For over a quarter-century the world’s leading climate scientists and news media have warned that human-caused climate change has doubled the rate of sea level rise and is thus putting civilization in grave danger. “We will see at least four feet of sea level rise and possibly ten by the end of the century,” wrote The New York Times’ David Wallace-Wells in 2019. “The oceans we know won’t survive climate change,” claimed The Atlantic that same year. The author, Robinson Meyer, quoted estimates by Princeton University’s Michael Oppenheimer that sea levels would rise by more than 34 inches by 2100.
When I asked Oppenheimer about those numbers at the time, he told me, “The actual number, which is based on the sea level rise amount in [IPCC Representative Concentration Pathway] 8.5 for its [Special Report on the Ocean and Cryosphere in a Changing Climate] report, is 1.1 meters, which is 3 feet, 7 inches,” or 43 inches.

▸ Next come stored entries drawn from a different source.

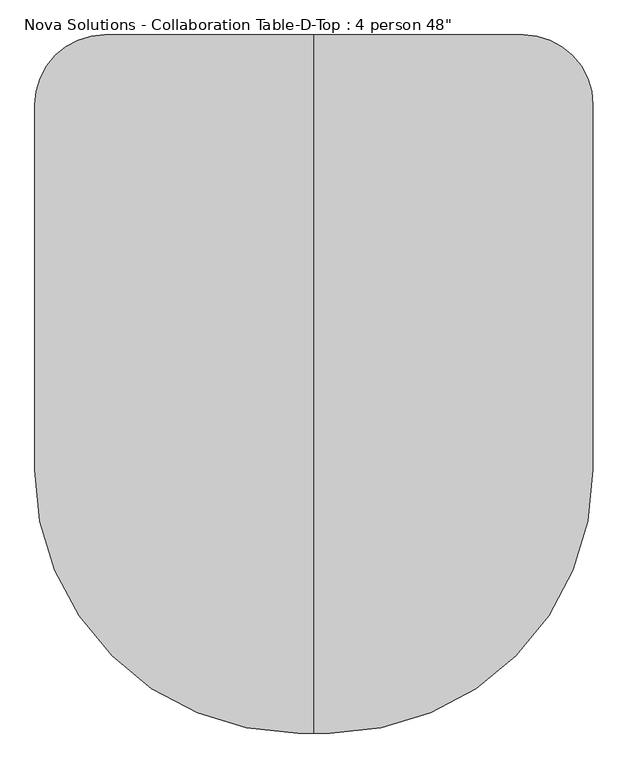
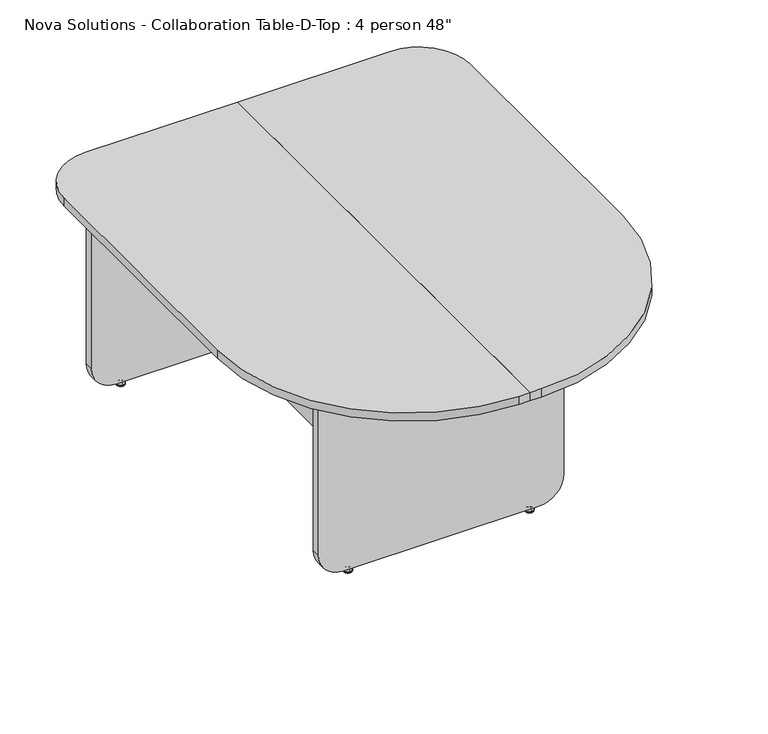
"""IFC4 building model written with IfcOpenShell, lengths in millimetres: furniture geometry."""

from ifc_helpers import new_model, si_unit, point, frame, frame_2d, origin, place, context, project, spatial, polyline, circle_curve, ellipse_curve, trimmed, segment, composite_curve, outline, extrude, source, transform, mapped, element, save
from ifc_brep_helpers import plane_surface, cylinder_surface, revolved_surface, advanced_brep


def furniture_1c62df15(model_context):
    return source(origin(), model_context, "Body", "SolidModel", [
        extrude(outline(polyline([(-136.57, 733.4), (-136.57, -271.3), (-152.77, -271.3), (-152.77, 733.4), (-136.57, 733.4)])), frame((0.0, 0.0, 181.85), z_axis=(0.0, 0.0, 1.0), x_axis=(1.0, 0.0, 0.0)), (0.0, 0.0, 1.0), 553.0),
        extrude(outline(polyline([(136.57, 733.4), (152.77, 733.4), (152.77, -271.3), (136.57, -271.3), (136.57, 733.4)])), frame((0.0, 0.0, 181.85), z_axis=(0.0, 0.0, 1.0), x_axis=(1.0, 0.0, 0.0)), (0.0, 0.0, 1.0), 553.0),
        advanced_brep(
        [(361.0578125, 752.9276506, 11.1125), (361.0578125, 739.5723494, 11.1125), (361.0578125, 746.25, 11.1125), (361.0578125, 752.9276506, 9.525), (361.0578125, 739.5723494, 9.525), (361.0578125, 758.1355135, 4.7748687), (361.0578125, 734.3644865, 4.7748687), (361.0578125, 758.9966506, 3.989419), (361.0578125, 733.5033494, 3.989419), (361.0578125, 758.9966506, 3.175), (361.0578125, 733.5033494, 3.175), (361.0578125, 758.1459119, 0.0), (361.0578125, 734.3540881, 0.0), (361.0578125, 746.25, 0.0)],
        [
            (0, 1, circle_curve(frame((361.0578125, 746.25, 11.1125), z_axis=(0.0, 0.0, 1.0), x_axis=(0.0, -1.0, 0.0)), 6.6776506)),
            (1, 2),
            (2, 0),
            (1, 0, circle_curve(frame((361.0578125, 746.25, 11.1125), z_axis=(0.0, 0.0, 1.0), x_axis=(0.0, -1.0, 0.0)), 6.6776506)),
            (3, 4, circle_curve(frame((361.0578125, 746.25, 9.525), z_axis=(0.0, 0.0, 1.0), x_axis=(0.0, -1.0, 0.0)), 6.6776506)),
            (4, 1),
            (0, 3),
            (4, 3, circle_curve(frame((361.0578125, 746.25, 9.525), z_axis=(0.0, 0.0, 1.0), x_axis=(0.0, -1.0, 0.0)), 6.6776506)),
            (5, 6, circle_curve(frame((361.0578125, 746.25, 4.7748687), z_axis=(0.0, 0.0, 1.0), x_axis=(0.0, -1.0, 0.0)), 11.8855135)),
            (6, 4, circle_curve(frame((361.0578125, 733.3179373, 11.1521822), z_axis=(1.0, 0.0, 0.0), x_axis=(0.0, 1.0, 0.0)), 6.462615)),
            (3, 5, circle_curve(frame((361.0578125, 759.1820627, 11.1521822), z_axis=(1.0, 0.0, 0.0), x_axis=(0.0, -1.0, 0.0)), 6.462615)),
            (6, 5, circle_curve(frame((361.0578125, 746.25, 4.7748687), z_axis=(0.0, 0.0, 1.0), x_axis=(0.0, -1.0, 0.0)), 11.8855135)),
            (7, 8, circle_curve(frame((361.0578125, 746.25, 3.989419), z_axis=(0.0, 0.0, 1.0), x_axis=(0.0, -1.0, 0.0)), 12.7466506)),
            (8, 6, circle_curve(frame((361.0578125, 734.5375368, 3.7203591), z_axis=(-1.0, 0.0, 0.0), x_axis=(0.0, 1.0, 0.0)), 1.0686145)),
            (5, 7, circle_curve(frame((361.0578125, 757.9624632, 3.7203591), z_axis=(-1.0, 0.0, 0.0), x_axis=(0.0, -1.0, 0.0)), 1.0686145)),
            (8, 7, circle_curve(frame((361.0578125, 746.25, 3.989419), z_axis=(0.0, 0.0, 1.0), x_axis=(0.0, -1.0, 0.0)), 12.7466506)),
            (9, 10, circle_curve(frame((361.0578125, 746.25, 3.175), z_axis=(0.0, 0.0, 1.0), x_axis=(0.0, -1.0, 0.0)), 12.7466506)),
            (10, 8),
            (7, 9),
            (10, 9, circle_curve(frame((361.0578125, 746.25, 3.175), z_axis=(0.0, 0.0, 1.0), x_axis=(0.0, -1.0, 0.0)), 12.7466506)),
            (11, 12, circle_curve(frame((361.0578125, 746.25, 0.0), z_axis=(0.0, 0.0, 1.0), x_axis=(0.0, -1.0, 0.0)), 11.8959119)),
            (12, 10),
            (9, 11),
            (12, 11, circle_curve(frame((361.0578125, 746.25, 0.0), z_axis=(0.0, 0.0, 1.0), x_axis=(0.0, -1.0, 0.0)), 11.8959119)),
            (13, 12),
            (11, 13),
        ],
        [
            plane_surface(frame((361.0578125, 746.25, 11.1125), z_axis=(0.0, 0.0, 1.0), x_axis=(0.0, -1.0, 0.0))),
            cylinder_surface(frame((361.0578125, 746.25, 43.2095994), z_axis=(0.0, 0.0, -1.0), x_axis=(0.0, -1.0, 0.0)), 6.6776506),
            revolved_surface(trimmed(ellipse_curve(frame((361.0578125, 733.3179373, 11.1521822), z_axis=(-1.0, 0.0, 0.0), x_axis=(0.0, 1.0, 0.0)), 6.462615, 6.462615), [point((361.0578125, 739.5723494, 9.525))], [point((361.0578125, 734.3644865, 4.7748687))], True, "CARTESIAN"), (361.0578125, 746.25, 43.2095994), (0.0, 0.0, -1.0)),
            revolved_surface(trimmed(ellipse_curve(frame((361.0578125, 734.5375368, 3.7203591), z_axis=(1.0, 0.0, 0.0), x_axis=(0.0, 1.0, 0.0)), 1.0686145, 1.0686145), [point((361.0578125, 734.3644865, 4.7748687))], [point((361.0578125, 733.5033494, 3.989419))], True, "CARTESIAN"), (361.0578125, 746.25, 43.2095994), (0.0, 0.0, -1.0)),
            cylinder_surface(frame((361.0578125, 746.25, 43.2095994), z_axis=(0.0, 0.0, -1.0), x_axis=(0.0, -1.0, 0.0)), 12.7466506),
            revolved_surface(polyline([(361.0578125, 733.5033494, 3.175), (361.0578125, 734.3540881, 0.0)]), (361.0578125, 746.25, 43.2095994), (0.0, 0.0, -1.0)),
            plane_surface(frame((361.0578125, 746.25, 0.0), z_axis=(0.0, 0.0, -1.0), x_axis=(0.0, -1.0, 0.0))),
        ],
        [
            (0, [[1, 2, 3]]),
            (0, [[4, -3, -2]]),
            (1, [[5, 6, -1, 7]]),
            (1, [[8, -7, -4, -6]]),
            (2, [[9, 10, -5, 11]]),
            (2, [[12, -11, -8, -10]]),
            (3, [[13, 14, -9, 15]]),
            (3, [[16, -15, -12, -14]]),
            (4, [[17, 18, -13, 19]]),
            (4, [[20, -19, -16, -18]]),
            (5, [[21, 22, -17, 23]]),
            (5, [[24, -23, -20, -22]]),
            (6, [[25, -21, 26]]),
            (6, [[-26, -24, -25]]),
        ],
    ),
        advanced_brep(
        [(-361.0578125, 752.9276506, 11.1125), (-361.0578125, 739.5723494, 11.1125), (-361.0578125, 746.25, 11.1125), (-361.0578125, 752.9276506, 9.525), (-361.0578125, 739.5723494, 9.525), (-361.0578125, 758.1355135, 4.7748687), (-361.0578125, 734.3644865, 4.7748687), (-361.0578125, 758.9966506, 3.989419), (-361.0578125, 733.5033494, 3.989419), (-361.0578125, 758.9966506, 3.175), (-361.0578125, 733.5033494, 3.175), (-361.0578125, 758.1459119, 0.0), (-361.0578125, 734.3540881, 0.0), (-361.0578125, 746.25, 0.0)],
        [
            (0, 1, circle_curve(frame((-361.0578125, 746.25, 11.1125), z_axis=(0.0, 0.0, 1.0), x_axis=(0.0, -1.0, 0.0)), 6.6776506)),
            (1, 2),
            (2, 0),
            (1, 0, circle_curve(frame((-361.0578125, 746.25, 11.1125), z_axis=(0.0, 0.0, 1.0), x_axis=(0.0, -1.0, 0.0)), 6.6776506)),
            (3, 4, circle_curve(frame((-361.0578125, 746.25, 9.525), z_axis=(0.0, 0.0, 1.0), x_axis=(0.0, -1.0, 0.0)), 6.6776506)),
            (4, 1),
            (0, 3),
            (4, 3, circle_curve(frame((-361.0578125, 746.25, 9.525), z_axis=(0.0, 0.0, 1.0), x_axis=(0.0, -1.0, 0.0)), 6.6776506)),
            (5, 6, circle_curve(frame((-361.0578125, 746.25, 4.7748687), z_axis=(0.0, 0.0, 1.0), x_axis=(0.0, -1.0, 0.0)), 11.8855135)),
            (6, 4, circle_curve(frame((-361.0578125, 733.3179373, 11.1521822), z_axis=(1.0, 0.0, 0.0), x_axis=(0.0, 1.0, 0.0)), 6.462615)),
            (3, 5, circle_curve(frame((-361.0578125, 759.1820627, 11.1521822), z_axis=(1.0, 0.0, 0.0), x_axis=(0.0, -1.0, 0.0)), 6.462615)),
            (6, 5, circle_curve(frame((-361.0578125, 746.25, 4.7748687), z_axis=(0.0, 0.0, 1.0), x_axis=(0.0, -1.0, 0.0)), 11.8855135)),
            (7, 8, circle_curve(frame((-361.0578125, 746.25, 3.989419), z_axis=(0.0, 0.0, 1.0), x_axis=(0.0, -1.0, 0.0)), 12.7466506)),
            (8, 6, circle_curve(frame((-361.0578125, 734.5375368, 3.7203591), z_axis=(-1.0, 0.0, 0.0), x_axis=(0.0, 1.0, 0.0)), 1.0686145)),
            (5, 7, circle_curve(frame((-361.0578125, 757.9624632, 3.7203591), z_axis=(-1.0, 0.0, 0.0), x_axis=(0.0, -1.0, 0.0)), 1.0686145)),
            (8, 7, circle_curve(frame((-361.0578125, 746.25, 3.989419), z_axis=(0.0, 0.0, 1.0), x_axis=(0.0, -1.0, 0.0)), 12.7466506)),
            (9, 10, circle_curve(frame((-361.0578125, 746.25, 3.175), z_axis=(0.0, 0.0, 1.0), x_axis=(0.0, -1.0, 0.0)), 12.7466506)),
            (10, 8),
            (7, 9),
            (10, 9, circle_curve(frame((-361.0578125, 746.25, 3.175), z_axis=(0.0, 0.0, 1.0), x_axis=(0.0, -1.0, 0.0)), 12.7466506)),
            (11, 12, circle_curve(frame((-361.0578125, 746.25, 0.0), z_axis=(0.0, 0.0, 1.0), x_axis=(0.0, -1.0, 0.0)), 11.8959119)),
            (12, 10),
            (9, 11),
            (12, 11, circle_curve(frame((-361.0578125, 746.25, 0.0), z_axis=(0.0, 0.0, 1.0), x_axis=(0.0, -1.0, 0.0)), 11.8959119)),
            (13, 12),
            (11, 13),
        ],
        [
            plane_surface(frame((-361.0578125, 746.25, 11.1125), z_axis=(0.0, 0.0, 1.0), x_axis=(0.0, -1.0, 0.0))),
            cylinder_surface(frame((-361.0578125, 746.25, 43.2095994), z_axis=(0.0, 0.0, -1.0), x_axis=(0.0, -1.0, 0.0)), 6.6776506),
            revolved_surface(trimmed(ellipse_curve(frame((-361.0578125, 733.3179373, 11.1521822), z_axis=(-1.0, 0.0, 0.0), x_axis=(0.0, 1.0, 0.0)), 6.462615, 6.462615), [point((-361.0578125, 739.5723494, 9.525))], [point((-361.0578125, 734.3644865, 4.7748687))], True, "CARTESIAN"), (-361.0578125, 746.25, 43.2095994), (0.0, 0.0, -1.0)),
            revolved_surface(trimmed(ellipse_curve(frame((-361.0578125, 734.5375368, 3.7203591), z_axis=(1.0, 0.0, 0.0), x_axis=(0.0, 1.0, 0.0)), 1.0686145, 1.0686145), [point((-361.0578125, 734.3644865, 4.7748687))], [point((-361.0578125, 733.5033494, 3.989419))], True, "CARTESIAN"), (-361.0578125, 746.25, 43.2095994), (0.0, 0.0, -1.0)),
            cylinder_surface(frame((-361.0578125, 746.25, 43.2095994), z_axis=(0.0, 0.0, -1.0), x_axis=(0.0, -1.0, 0.0)), 12.7466506),
            revolved_surface(polyline([(-361.0578125, 733.5033494, 3.175), (-361.0578125, 734.3540881, 0.0)]), (-361.0578125, 746.25, 43.2095994), (0.0, 0.0, -1.0)),
            plane_surface(frame((-361.0578125, 746.25, 0.0), z_axis=(0.0, 0.0, -1.0), x_axis=(0.0, -1.0, 0.0))),
        ],
        [
            (0, [[1, 2, 3]]),
            (0, [[4, -3, -2]]),
            (1, [[5, 6, -1, 7]]),
            (1, [[8, -7, -4, -6]]),
            (2, [[9, 10, -5, 11]]),
            (2, [[12, -11, -8, -10]]),
            (3, [[13, 14, -9, 15]]),
            (3, [[16, -15, -12, -14]]),
            (4, [[17, 18, -13, 19]]),
            (4, [[20, -19, -16, -18]]),
            (5, [[21, 22, -17, 23]]),
            (5, [[24, -23, -20, -22]]),
            (6, [[25, -21, 26]]),
            (6, [[-26, -24, -25]]),
        ],
    ),
        extrude(outline(composite_curve([segment(polyline([(734.85, 457.1), (734.85, -457.1), (90.15, -457.1)]), True, "CONTINUOUS"), segment(trimmed(circle_curve(frame_2d((90.15, -381.1)), 76.0), [point((90.15, -457.1))], [point((14.15, -381.1))], False, "CARTESIAN"), True, "CONTINUOUS"), segment(polyline([(14.15, -381.1), (14.15, 381.1)]), True, "CONTINUOUS"), segment(trimmed(circle_curve(frame_2d((90.15, 381.1)), 76.0), [point((14.15, 381.1))], [point((90.15, 457.1))], False, "CARTESIAN"), True, "CONTINUOUS"), segment(polyline([(90.15, 457.1), (734.85, 457.1)]), True, "CONTINUOUS")], self_intersect=False)), frame((0.0, 733.4, 0.0), z_axis=(0.0, 1.0, 0.0), x_axis=(0.0, 0.0, 1.0)), (0.0, 0.0, 1.0), 25.7),
        advanced_brep(
        [(272.9578125, -277.4723494, 11.1125), (272.9578125, -290.8276506, 11.1125), (272.9578125, -284.15, 11.1125), (272.9578125, -277.4723494, 9.525), (272.9578125, -290.8276506, 9.525), (272.9578125, -272.2644865, 4.7748687), (272.9578125, -296.0355135, 4.7748687), (272.9578125, -271.4033494, 3.989419), (272.9578125, -296.8966506, 3.989419), (272.9578125, -271.4033494, 3.175), (272.9578125, -296.8966506, 3.175), (272.9578125, -272.2540881, 0.0), (272.9578125, -296.0459119, 0.0), (272.9578125, -284.15, 0.0)],
        [
            (0, 1, circle_curve(frame((272.9578125, -284.15, 11.1125), z_axis=(0.0, 0.0, 1.0), x_axis=(0.0, -1.0, 0.0)), 6.6776506)),
            (1, 2),
            (2, 0),
            (1, 0, circle_curve(frame((272.9578125, -284.15, 11.1125), z_axis=(0.0, 0.0, 1.0), x_axis=(0.0, -1.0, 0.0)), 6.6776506)),
            (3, 4, circle_curve(frame((272.9578125, -284.15, 9.525), z_axis=(0.0, 0.0, 1.0), x_axis=(0.0, -1.0, 0.0)), 6.6776506)),
            (4, 1),
            (0, 3),
            (4, 3, circle_curve(frame((272.9578125, -284.15, 9.525), z_axis=(0.0, 0.0, 1.0), x_axis=(0.0, -1.0, 0.0)), 6.6776506)),
            (5, 6, circle_curve(frame((272.9578125, -284.15, 4.7748687), z_axis=(0.0, 0.0, 1.0), x_axis=(0.0, -1.0, 0.0)), 11.8855135)),
            (6, 4, circle_curve(frame((272.9578125, -297.0820627, 11.1521822), z_axis=(1.0, 0.0, 0.0), x_axis=(0.0, 1.0, 0.0)), 6.462615)),
            (3, 5, circle_curve(frame((272.9578125, -271.2179373, 11.1521822), z_axis=(1.0, 0.0, 0.0), x_axis=(0.0, -1.0, 0.0)), 6.462615)),
            (6, 5, circle_curve(frame((272.9578125, -284.15, 4.7748687), z_axis=(0.0, 0.0, 1.0), x_axis=(0.0, -1.0, 0.0)), 11.8855135)),
            (7, 8, circle_curve(frame((272.9578125, -284.15, 3.989419), z_axis=(0.0, 0.0, 1.0), x_axis=(0.0, -1.0, 0.0)), 12.7466506)),
            (8, 6, circle_curve(frame((272.9578125, -295.8624632, 3.7203591), z_axis=(-1.0, 0.0, 0.0), x_axis=(0.0, 1.0, 0.0)), 1.0686145)),
            (5, 7, circle_curve(frame((272.9578125, -272.4375368, 3.7203591), z_axis=(-1.0, 0.0, 0.0), x_axis=(0.0, -1.0, 0.0)), 1.0686145)),
            (8, 7, circle_curve(frame((272.9578125, -284.15, 3.989419), z_axis=(0.0, 0.0, 1.0), x_axis=(0.0, -1.0, 0.0)), 12.7466506)),
            (9, 10, circle_curve(frame((272.9578125, -284.15, 3.175), z_axis=(0.0, 0.0, 1.0), x_axis=(0.0, -1.0, 0.0)), 12.7466506)),
            (10, 8),
            (7, 9),
            (10, 9, circle_curve(frame((272.9578125, -284.15, 3.175), z_axis=(0.0, 0.0, 1.0), x_axis=(0.0, -1.0, 0.0)), 12.7466506)),
            (11, 12, circle_curve(frame((272.9578125, -284.15, 0.0), z_axis=(0.0, 0.0, 1.0), x_axis=(0.0, -1.0, 0.0)), 11.8959119)),
            (12, 10),
            (9, 11),
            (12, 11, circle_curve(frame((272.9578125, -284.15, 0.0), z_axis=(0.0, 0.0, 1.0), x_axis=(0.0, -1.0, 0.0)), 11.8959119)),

All of those claims have been proven false by the first-ever global study of sea level rise based on data gathered locally rather than on models extrapolating from assumptions. The Journal of Marine Science and Engineering published the peer-reviewed article, “A Global Perspective on Local Sea Level Changes,” by Hessel Voortman, a Dutch engineer, and Rob de Vos, a researcher, last week.